As serventias extrajudiciais integram o conceito de justiça multiportas e são uma opção eficiente para a solução de litígios
A ideia de uma Justiça Multiportas foi idealizada por Frank Sander, professor da Harvard Law School, no final da década de 1970 nos Estados Unidos, e surgiu como uma resposta à sobrecarga do sistema judiciário americano e à busca por soluções mais eficientes e acessíveis para os litígios. Essa teoria foi apresentada pela primeira vez na Conferência Pound, em 1976.
O conceito propunha uma transformação no modo como a justiça tratava os litígios, sugerindo que o sistema judicial oferecesse múltiplos métodos de resolução, tais como conciliação, mediação, arbitragem e negociação, adaptados às especificidades de cada conflito.
A proposta de Sander foi adotada inicialmente nos Estados Unidos, onde as cortes experimentaram métodos alternativos para reduzir a quantidade de processos e proporcionar soluções mais rápidas e satisfatórias. Outros países, como o Canadá e o Reino Unido, posteriormente, também passaram a implementar formas alternativas de resolução de conflitos (ADRs - Alternative Dispute Resolutions), de maneira gradual, buscando dar mais autonomia às partes e aliviar a carga do sistema judiciário.
Com o tempo, a Justiça Multiportas ganhou reconhecimento mundial, sendo vista como um meio de democratizar o acesso à justiça, diversificar as formas de tratamento dos conflitos e responder de maneira eficaz às diferentes demandas da sociedade.
Nesse contexto, Cappelletti e Garth, em estudos sobre o tema, classificaram as "ondas renovatórias" do processo civil em três grandes movimentos que influenciaram o direito processual em todo o mundo, especialmente no século XX.
A primeira onda surgiu na década de 1960 e tinha como foco ampliar o acesso à justiça para pessoas economicamente desfavorecidas. Por meio de mecanismos como a assistência judiciária gratuita e o patrocínio estatal de advogados para quem não poderia pagar, buscou-se nesta fase, corrigir a desigualdade no acesso ao Judiciário. Esse movimento se relaciona com a Justiça Multiportas ao tentar assegurar que todos, independentemente de recursos, possam ter acesso a uma solução de conflitos.
Na década de 1970, a segunda onda tratou de ampliar o acesso à justiça para grupos que detinham interesses coletivos, difusos ou homogêneos, como os consumidores e as minorias. Entre nós, isso influenciou a criação de leis como o CDC e a lei da ação civil pública, ambas, instrumentos que permitem a tutela de interesses de grupo. A Justiça Multiportas se insere aqui ao proporcionar vias alternativas de resolução para esses conflitos complexos e que exigem instrumentos diferenciados de mediação e conciliação.

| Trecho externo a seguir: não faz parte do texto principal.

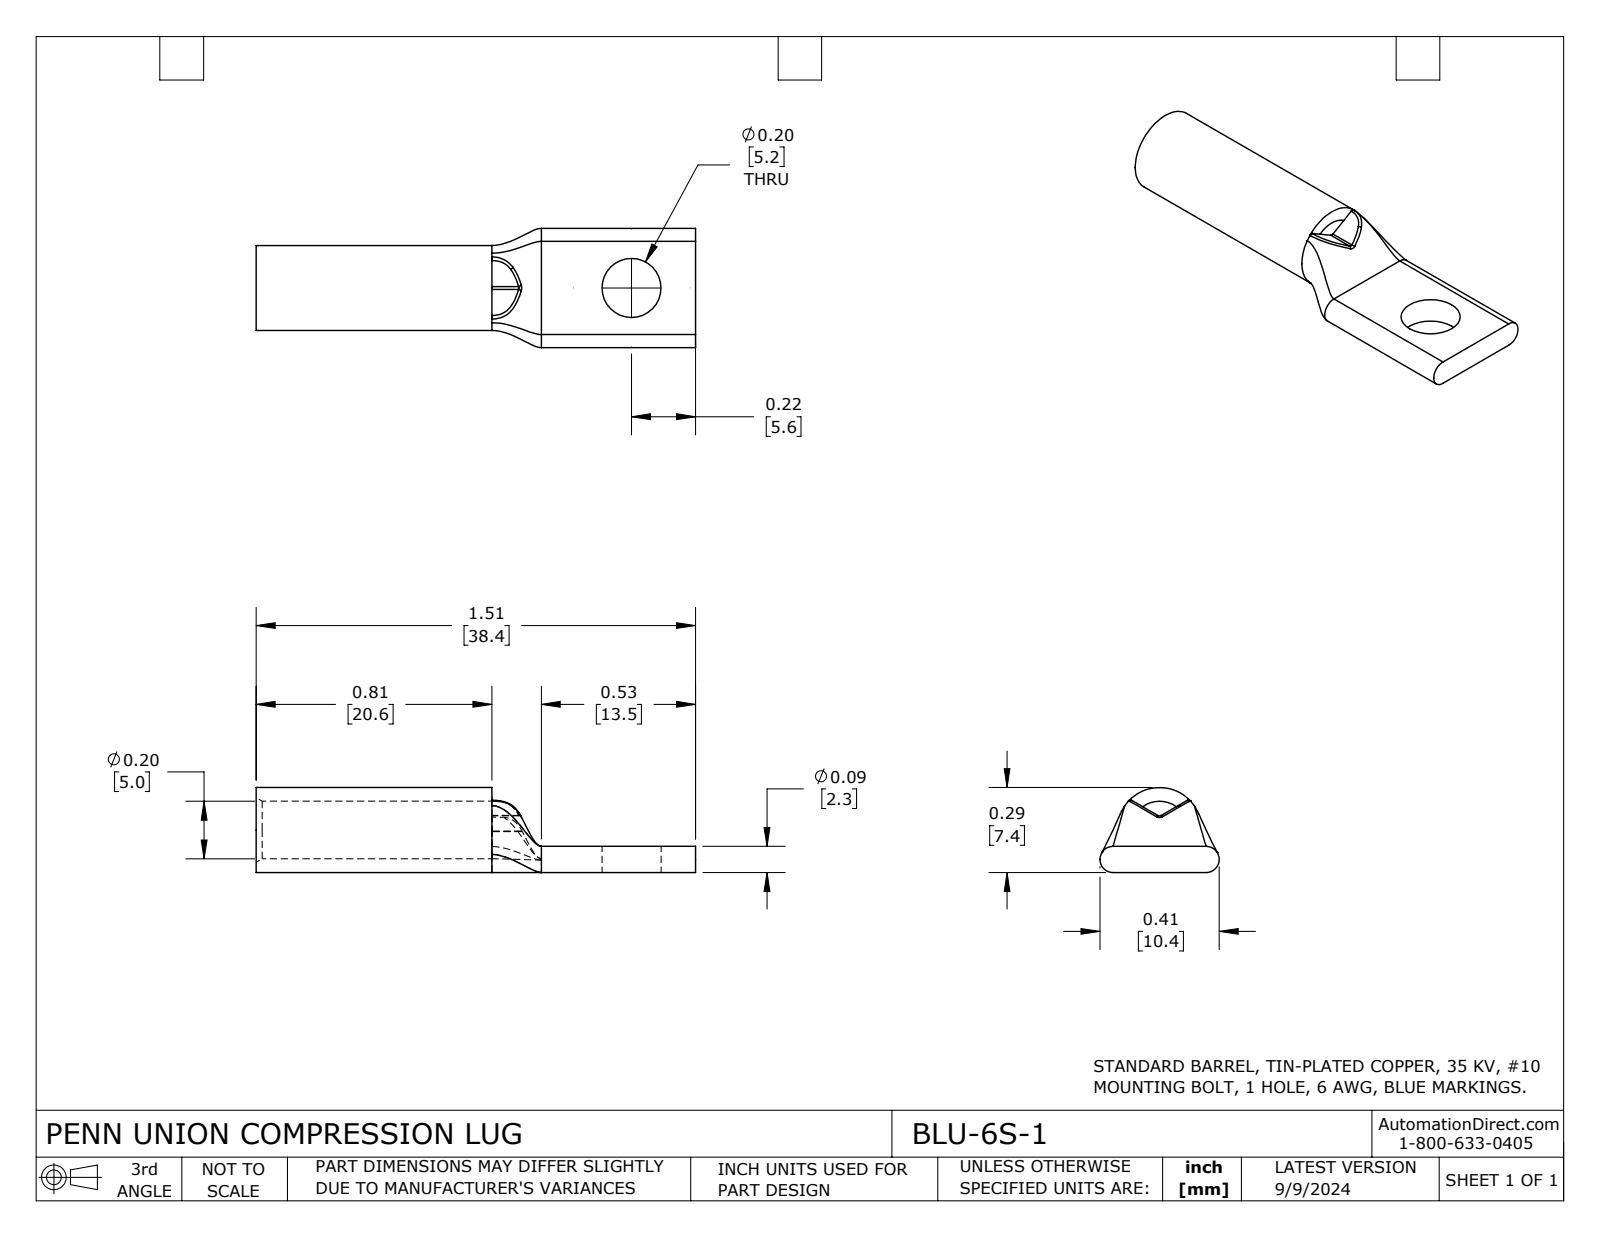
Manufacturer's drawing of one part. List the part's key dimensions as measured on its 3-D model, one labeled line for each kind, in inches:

Finalmente, a terceira onda começou na década de 1980 com foco na busca pela eficiência e qualidade da justiça. Isso envolve reduzir a morosidade e o acúmulo de processos judiciais. A Justiça Multiportas surge, nesse caso, como resposta, na medida em que ao desviar parte dos conflitos para métodos alternativos de resolução, promove uma economia de tempo e de recursos e evita a sobrecarga do Judiciário.

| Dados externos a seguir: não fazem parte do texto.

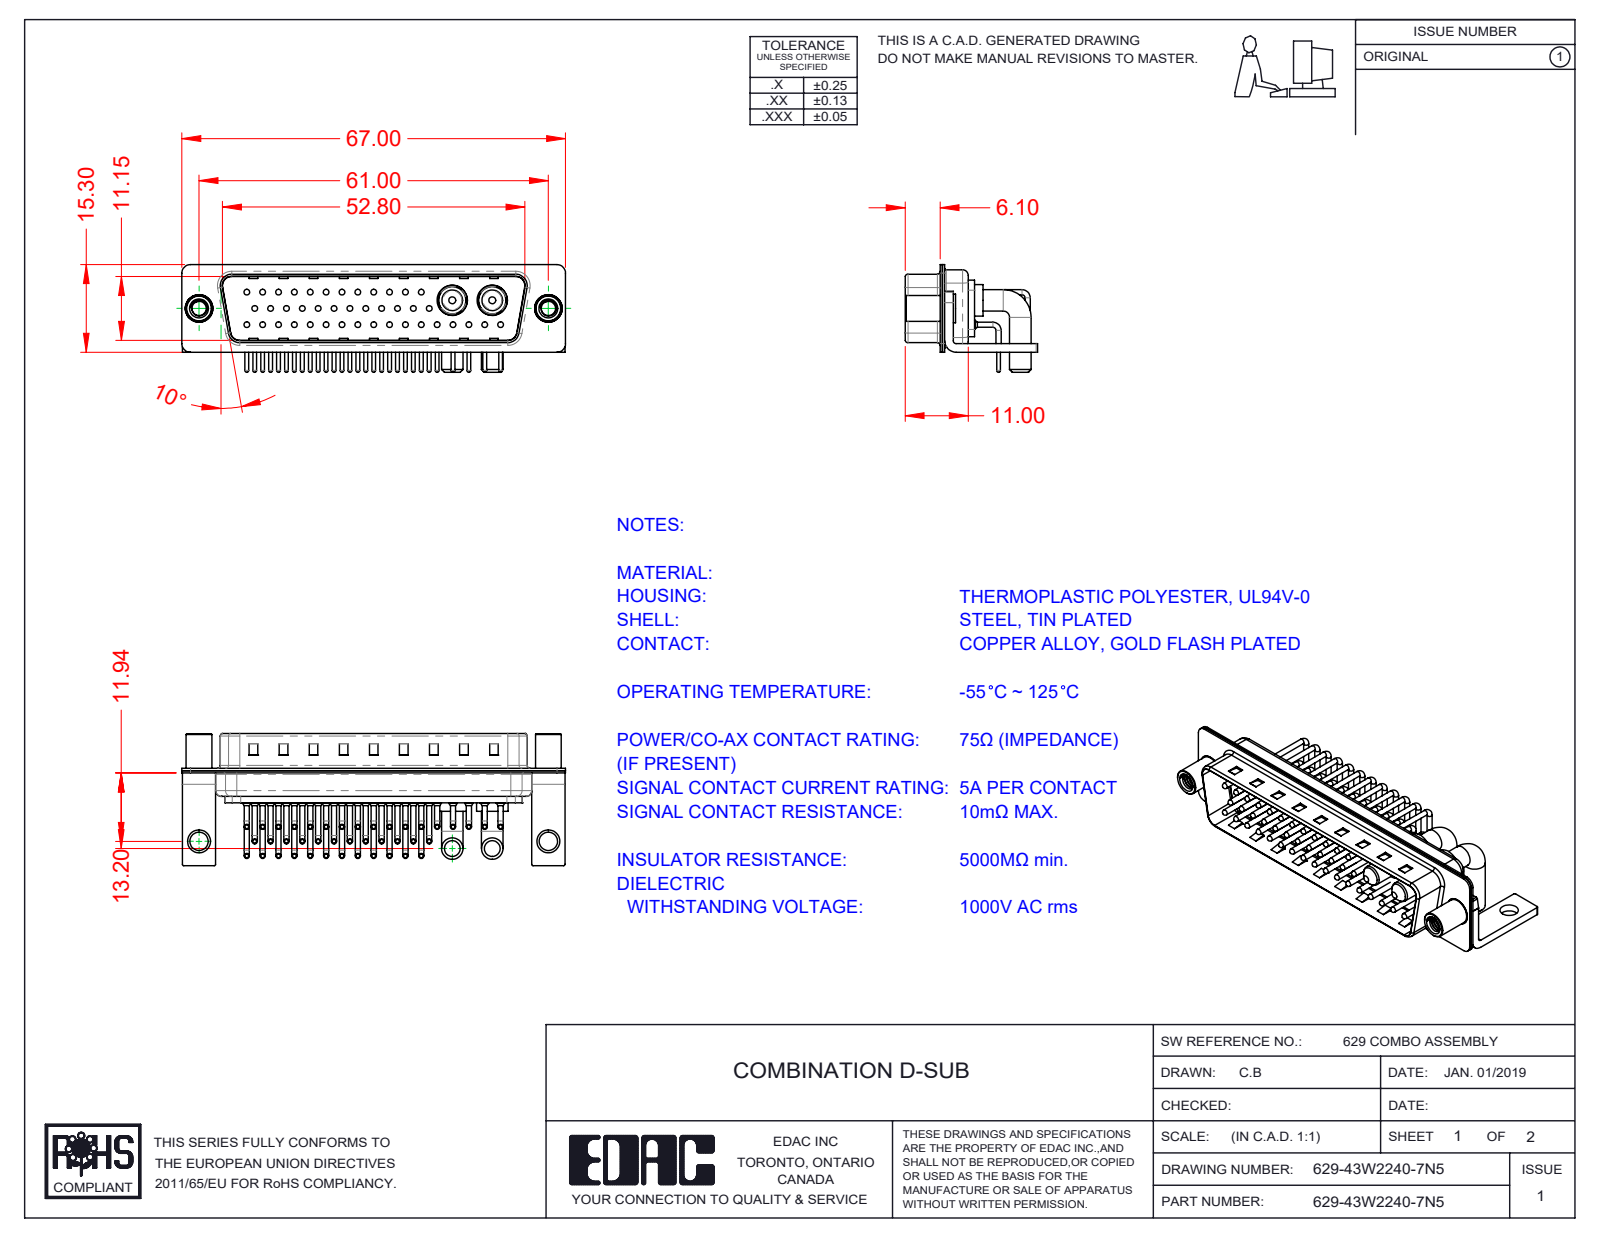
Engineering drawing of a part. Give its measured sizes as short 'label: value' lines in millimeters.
name: 629Combo Housing_43W2; Power Pin_40A RA 50; 629-43W2240-7N5; 629Combo Contact Row 2_50 Contacts (+6 more)
written by: SolidWorks 2020 (CONFIG_CONTROL_DESIGN)
unit: mm
bodies: 52 solids, 5106 faces (2869 planar, 1731 cylindrical, 506 other)
size: 67 × 23.1 × 18.8
volume: 5 837 mm³; area: 13 730 mm²
holes: 41× ⌀0.75, 41× ⌀1.6, 41× ⌀2, 2× ⌀2.5, 2× ⌀3.2, 2× ⌀4, 2× ⌀4.8, 2× ⌀4.85, 2× ⌀5.3
bosses: 82× ⌀0.9, 41× ⌀1.5, 41× ⌀1, 41× ⌀0.65, 4× ⌀3.75, 2× ⌀5.5, 2× ⌀5.2, 2× ⌀5
rounds: 41× R1.01, 16× R0.25, 16× R1.5, 13× R2, 9× R0.5, 8× R1.6, 4× R0.6, 4× R0.65
face distances: 0.4, 1.5, 11.55, 5.6, 5.2, 0.8, 1.9, 4.1, 6, 0.78
hole spacings: 2.77, 5.54, 3.16, 8.31, 11.08, 13.85, 16.62, 19.39

No Brasil, a ideia de Justiça Multiportas começou a ser incorporada como política pública de acesso à Justiça, com mais efetividade, nos anos 2000, ganhando um impulso significativo com a resolução 125 do CNJ, em 2010.
Essa resolução instituiu a Política Judiciária Nacional de Tratamento Adequado dos Conflitos de Interesses e orientou os Tribunais a implementarem CEJUSCs - Centros Judiciários de Solução de Conflitos e Cidadania, espaços dedicados à realização de sessões de mediação e conciliação. O objetivo foi estabelecer uma política pública permanente de resolução alternativa de conflitos no país, reconhecendo a importância de métodos como a conciliação e a mediação para promover uma justiça mais célere e eficiente.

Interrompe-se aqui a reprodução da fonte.